Ostatnio na sfd wiele pisalo sie o tradziku, sam mialem (i jeszcze w sumie mam) z tym problemy ale udalo mi sie to zwalczyc w duzym stopniu i opisze moje doswaidczenia, moze komus sie przyda.
Jak powstaje trądzik?
Na ulotce Roaccutan, czyli leku który bardzo wiele osob poleca jako cudowny lek na pryszcze, czytamy:
"Izotretinoina, substancja czynna preparatu Roaccutane, jest stereoizomerem kwasu all-trans retinowego (tretinoiny). Mechanizm działania izotretinoiny nie jest w pełni wyjaśniony, ustalono jednak, że poprawa stanu klinicznego w przebiegu ciężkiego trądziku jest związana z zahamowaniem aktywności gruczołów łojowych oraz wykazanym histologicznie zmniejszeniem tych gruczołów. Wykazano również przeciwzapalne działanie izotretinoiny na skórę.
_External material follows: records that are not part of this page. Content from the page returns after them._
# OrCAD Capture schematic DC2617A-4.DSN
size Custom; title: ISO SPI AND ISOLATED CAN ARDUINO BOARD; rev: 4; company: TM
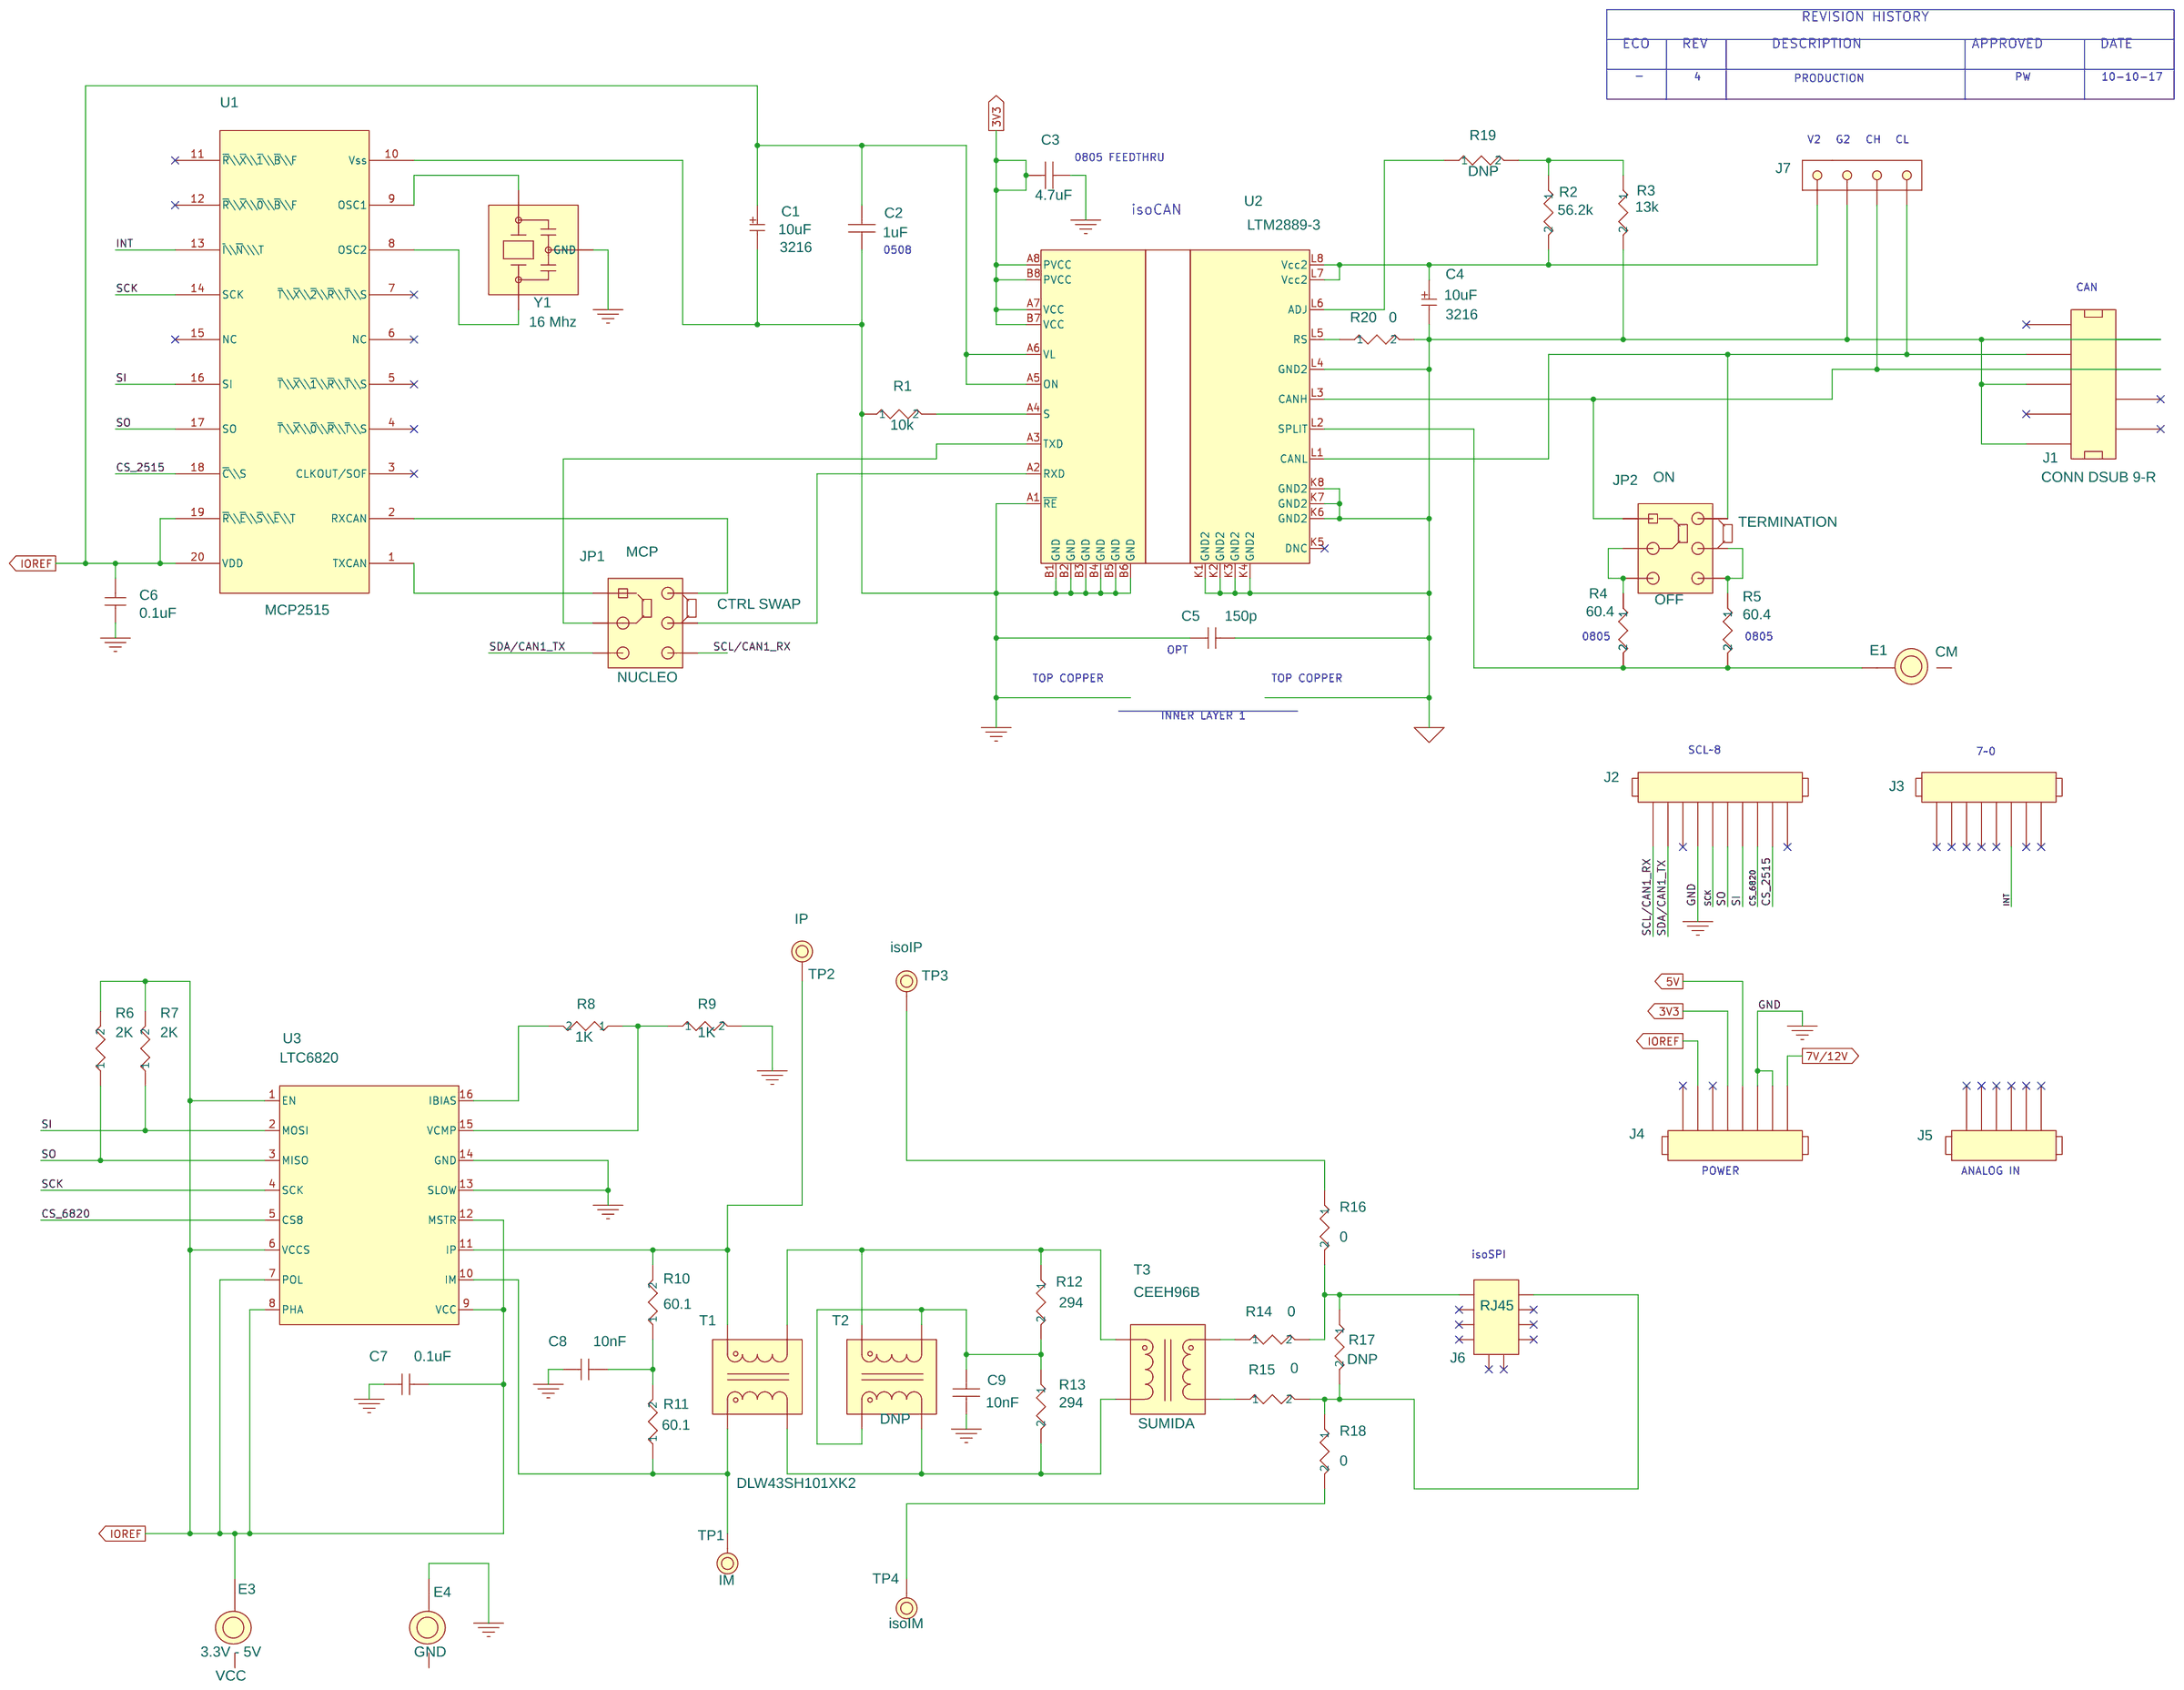
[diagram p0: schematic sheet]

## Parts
C1  10uF  [3216/1206]
C2  1uF  [MURATA-LLL219R71A105MA01L]
C3  4.7uF  [MURATA-NFM21P]
C4  10uF  [3216/1206]
C5  150p  [VISHAY-VY1_SERIES]
C6  0.1uF  [0603]
C7  0.1uF  [0603]
C8  10nF  [0603]
C9  10nF  [0603]
E1  CM  [MILLMAX-2308-2]
E3  VCC  [MILLMAX-2308-2]
E4  GND  [MILLMAX-2308-2]
J1  CONN DSUB 9-R  [CON-D-SUB9-SHIELDED]
J2  SQ POST HEADER SKT 10PIN  [SIP-10P-ARDUINO]
J3  SQ POST HEADER SKT 8PIN  [SIP-8P-ARDUINO]
J4  SQ POST HEADER SKT 8PIN  [SIP-8P-ARDUINO]
J5  SQ POST HEADER SKT 6PIN  [SIP-6P-ARDUINO]
J6  RJ45  [RJ45]
J7  HDR.  [HDR-TSW-104-07-L-S]
JP1  3 Pins 2mm Ctrs.  [HDR2X3-0.1]
JP2  3 Pins 2mm Ctrs.  [HDR2X3-0.1]
R1  10k  [0603]
R2  56.2k  [0603]
R3  13k  [0603]
R4  60.4  [0805]
R5  60.4  [0805]
R6  2K  [0603]
R7  2K  [0603]
R8  1K  [0603]
R9  1K  [0603]
R10  60.1  [0603]
R11  60.1  [0603]
R12  294  [0603]
R13  294  [0603]
R14  0  [0603]
R15  0  [0603]
R16  0  [0603]
R17  DNP  [0603]
R18  0  [0603]
R19  DNP  [0603]
R20  0  [0603]
T1  DLW43SH101XK2  [TRANS-DLW43S]
T2  DNP  [TRANS-DLW43S]
T3  CEEH96B  [TRANS-CEEH96B]
TP1  5019  [TP]
TP2  5019  [TP]
TP3  5019  [TP]
TP4  5019  [TP]
U1  MCP2515  [MICROCHIP-SO20-TSSOP]
U2  LTM2889-3  [LTM-BGA-32-1851]
U3  LTC6820  [MS16]
XJP18  2mm Ctrs.
XJP19  2mm Ctrs.
XJP20  2mm Ctrs.
XJP21  2mm Ctrs.
Y1  16 Mhz  [MURATA-CSTCE]

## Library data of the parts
C1 C4 = C_elect_0: Voltage: 3216
C2 = CAP_NP_1_v2: CAP, 0402 10nF 10% 16V X7R; Part Number: AVX 0402YC103KAT2A
C3 = CAP_NP_0: CAP, 0402 10nF 10% 16V X7R; Part Number: AVX 0402YC103KAT2A
C5-C8 = CAP-NP: CAP, 0603 0.01uF; Part Number: TDK C1608X7R1E104K
C9 = CAP_NP_1: CAP, 0603 100nF 10% 25V X7R; Part Number: MURATA GCM188R71E104KA57D
E1 E4 = E_13
E3 = E_13: VOLTAGE: 3.3V - 5V
J1 = CONN_DSUB_9-R
J2 = SQ_POST_HEADER_SKT_10PIN
J3 J4 = SQ_POST_HEADER_SKT_8PIN
J5 = SQ_POST_HEADER_SKT_6PIN
J6 = HEADER_16_8
J7 = HDR1X4: CONN.,HDR.,MALE,1x4,2.54mm,THT, STR; CLASS: IO; Manufacturer: SAMTEC; Manufacturer PN: TSW-104-07-L-S; PART_NUMBER: 250-0580
JP1 = Commcon2802s03g2_0: 10th Part Field: MCP; 11th Part Field: NUCLEO; 12th Part Field: RUN; 9th Part Field: CTRL SWAP
JP2 = Commcon2802s03g2_0: 10th Part Field: ON; 11th Part Field: OFF; 12th Part Field: RUN; 9th Part Field: TERMINATION
R1 = R_7: RES, 0603 4.99K OHMS  1% 1/10W; 5%: 1%; Part Number: NIC NRC06F4991TRF; Tol: 1%
R2 = R_8: RES, 0603 4.99K OHMS  1% 1/10W; 5%: 1%; Part Number: NIC NRC06F4991TRF; Tol: 1%
R3 = R_19: RES, 0603 4.99K OHMS  1% 1/10W; 5%: 1%; Part Number: NIC NRC06F4991TRF; Tol: 1%
R4 = R_1: RES, 0603 4.99K OHMS  1% 1/10W; 5%: 1%; Part Number: NIC NRC06F4991TRF; Tol: 1%
R5 = R: RES, 0603 4.99K OHMS  1% 1/10W; 5%: 1%; Part Number: NIC NRC06F4991TRF; Tol: 1%
R6 = R_14: RES, 0603 4.99K OHMS  1% 1/10W; 5%: 1%; Part Number: NIC NRC06F4991TRF; Tol: 1%
R7 = R_5: RES, 0603 4.99K OHMS  1% 1/10W; 5%: 1%; Part Number: NIC NRC06F4991TRF; Tol: 1%
R8 = R_16: RES, 0603 4.99K OHMS  1% 1/10W; 5%: 1%; Part Number: NIC NRC06F4991TRF; Tol: 1%
R9 = R_3: RES, 0603 4.99K OHMS  1% 1/10W; 5%: 1%; Part Number: NIC NRC06F4991TRF; Tol: 1%
R10 = R_11: RES, 0603 4.99K OHMS  1% 1/10W; 5%: 1%; Part Number: NIC NRC06F4991TRF; Tol: 1%
R11 = R_12: RES, 0603 4.99K OHMS  1% 1/10W; 5%: 1%; Part Number: NIC NRC06F4991TRF; Tol: 1%
R12 = R_13: RES, 0603 100 OHMS 1% 1/10W; Part Number: NIC NRC06F1000TRF; Tol: 1%
R13 = R_10: RES, 0603 100 OHMS 1% 1/10W; Part Number: NIC NRC06F1000TRF; Tol: 1%
R14 = R_6: RES, 0603 100 OHMS 1% 1/10W; Part Number: NIC NRC06F1000TRF; Tol: 1%
R15 = R_4: RES, 0603 100 OHMS 1% 1/10W; Part Number: NIC NRC06F1000TRF; Tol: 1%
R16 = R_9: RES, 0603 100 OHMS 1% 1/10W; Part Number: NIC NRC06F1000TRF; Tol: 1%
R17 = R_2: RES, 0603 100 OHMS 1% 1/10W; Part Number: NIC NRC06F1000TRF; Tol: 1%
R18 = R_15: RES, 0603 100 OHMS 1% 1/10W; Part Number: NIC NRC06F1000TRF; Tol: 1%
R19 = R_18: RES, 0603 4.99K OHMS  1% 1/10W; 5%: 1%; Part Number: NIC NRC06F4991TRF; Tol: 1%
R20 = R_17: RES, 0603 100 OHMS 1% 1/10W; Part Number: NIC NRC06F1000TRF; Tol: 1%
T1 T2 = TRANS-PA0950_22: 4TH PART FIELD: PULSE,; 5TH PART FIELD: PA08xx; 7TH PART FIELD: TRANS.,
T3 = TRANS-PA0950_10: 4TH PART FIELD: SUMIDA; 5TH PART FIELD: PA08xx; 7TH PART FIELD: TRANS.,
TP1 = TP-GENERIC: PC TEST POINT MINI SMD; CLASS: DISCRETE; Label: IM; Manufacturer: Keystone Electronics; PART_NUMBER: TP2
TP2 = TP-GENERIC: PC TEST POINT MINI SMD; CLASS: DISCRETE; Label: IP; Manufacturer: Keystone Electronics; PART_NUMBER: TMP-1572
TP3 = TP-GENERIC: PC TEST POINT MINI SMD; CLASS: DISCRETE; Label: isoIP; Manufacturer: Keystone Electronics; PART_NUMBER: TMP-1572
TP4 = TP-GENERIC: PC TEST POINT MINI SMD; CLASS: DISCRETE; Label: isoIM; Manufacturer: Keystone Electronics; PART_NUMBER: TP2
U1 = MCP2515_1
U2 = LTM2889CY_4
U3 = LTC6820_0
XJP18-XJP21 = CommconCCIJ2MM-138G
Y1 = 16_MHZ_RESONATOR

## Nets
3V3: C3.1(INPUT) C3.3(OUTPUT) J4.4 U2.A7(VCC) U2.A8(PVCC) U2.B7(VCC) U2.B8(PVCC)
5V: J4.5
7V/12V: J4.8
GND: C1.2(-) C2.2 C3.2(GND) C5.1 C6.1 C7.1 C8.1 C9.1 E4.1(A) J2.7 J4.6 J4.7 R1.1 R9.2 U1.10(Vss) U2.A1(~{RE}) U2.B1(GND) U2.B2(GND) U2.B3(GND) U2.B4(GND) U2.B5(GND) U2.B6(GND) U3.13(SLOW) U3.14(GND) Y1.2(GND)
GND_SIGNAL: C4.2(-) C5.2 J1.3 J1.5 J1.6 J7.3 R3.2 R20.2 U2.K1(GND2) U2.K2(GND2) U2.K3(GND2) U2.K4(GND2) U2.K6(GND2) U2.K7(GND2) U2.K8(GND2) U2.L4(GND2)
CS_2515: J2.2 U1.18(~{C}\\S)
CS_6820: J2.3 U3.5(CS8)
INT: J3.3 U1.13(~{I}\\~{N}\\\T)
IOREF: C1.1(+) C2.1 C6.2 C7.2 E3.1(A) J4.2 R6.2 R7.2 U1.19(~{R}\\~{E}\\~{S}\\~{E}\\T) U1.20(VDD) U2.A5(ON) U2.A6(VL) U3.1(EN) U3.6(VCCS) U3.7(POL) U3.8(PHA) U3.9(VCC) U3.12(MSTR)
SCK: J2.6 U1.14(SCK) U3.4(SCK)
SCL/CAN1_RX: J2.10 JP1.6
SDA/CAN1_TX: J2.9 JP1.5
SI: J2.4 R7.1 U1.16(SI) U3.2(MOSI)
SO: J2.5 R6.1 U1.17(SO) U3.3(MISO)
N04568: R13.2 T1.3 T2.3 T3.4
N04752: J6.1 R15.2 R17.2 R18.1
N04796: R11.1 T1.4 TP1.1 U3.10(IM)
N05048: R10.2 T1.1 TP2.1 U3.11(IP)
N05256: C8.2 R10.1 R11.2
N05312: R8.2 U3.16(IBIAS)
N05708: R8.1 R9.1 U3.15(VCMP)
N05796: R15.1 T3.1
N05910: R12.1 T1.2 T2.1 T3.3
N05986: C9.2 R12.2 R13.1 T2.2 T2.4
N06182: R14.1 T3.2
N06186: J6.2 R14.2 R16.2 R17.1
N06414: R16.1 TP3.1
N06430: R18.2 TP4.1
N08378: R19.1 U2.L6(ADJ)
N11583: C4.1(+) J7.4 R2.2 U2.L7(Vcc2) U2.L8(Vcc2)
N12335: E1.1(A) R4.2 R5.2 U2.L2(SPLIT)
N12444: R2.1 R3.1 R19.2
N13029: J1.2 J7.1 JP2.2 U2.L1(CANL)
N13053: J1.7 J7.2 JP2.1 U2.L3(CANH)
N13822: JP2.3 JP2.5 R4.1
N13830: JP2.4 JP2.6 R5.1
N48166: JP1.2 U1.2(RXCAN)
N49968: JP1.4 U2.A2(RXD)
N50090: JP1.1 U1.1(TXCAN)
N50095: JP1.3 U2.A3(TXD)
N162907: U1.9(OSC1) Y1.3
N208727: R20.1 U2.L5(RS)
N16680170: R1.2 U2.A4(S)
N16707870: U1.8(OSC2) Y1.1

Not connected (* = marked no-connect by the designer): J1 1* 4* 8* 9*; J2 1* 8*; J3 1* 2* 4* 5* 6* 7* 8*; J4 1* 3*; J5 1* 2* 3* 4* 5* 6*; J6 3* 4* 5* 6* 7* 8* 11* 12*; U1 3(CLKOUT/SOF)* 4(~{T}\\~{X}\\~{0}\\~{R}\\~{T}\\S)* 5(~{T}\\~{X}\\~{1}\\~{R}\\~{T}\\S)* 6(NC)* 7(~{T}\\~{X}\\~{2}\\~{R}\\~{T}\\S)* 11(~{R}\\~{X}\\~{1}\\~{B}\\F)* 12(~{R}\\~{X}\\~{0}\\~{B}\\F)* 15(NC)*; U2 K5(DNC)*

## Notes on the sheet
- REVISION HISTORY
- ECO
- REV
- DESCRIPTION
- APPROVED
- DATE
- -
- 4
- PW
- 10-10-17
- PRODUCTION
- V2
- G2
- CH
- CL
- 0805 FEEDTHRU
- isoCAN
- 0508
- CAN
- 0805
- 0805
- OPT
- TOP COPPER
- TOP COPPER
- INNER LAYER 1
- SCL~8
- 7~0
- POWER
- ANALOG IN
- isoSPI

Nadmierne rogowacenie nabłonkowej wyściółki przywłosowego gruczołu łojowego prowadzi do zrzucania zrogowaciałych komórek do światła kanalika i zatykania go keratyną i nadmiarem łoju. Dochodzi do powstania zaskórników, a następnie zmian zapalnych. Roaccutane hamuje rozrost komórek łojowych i jego działanie w trądziku polega na normalizowaniu różnicowania się komórek.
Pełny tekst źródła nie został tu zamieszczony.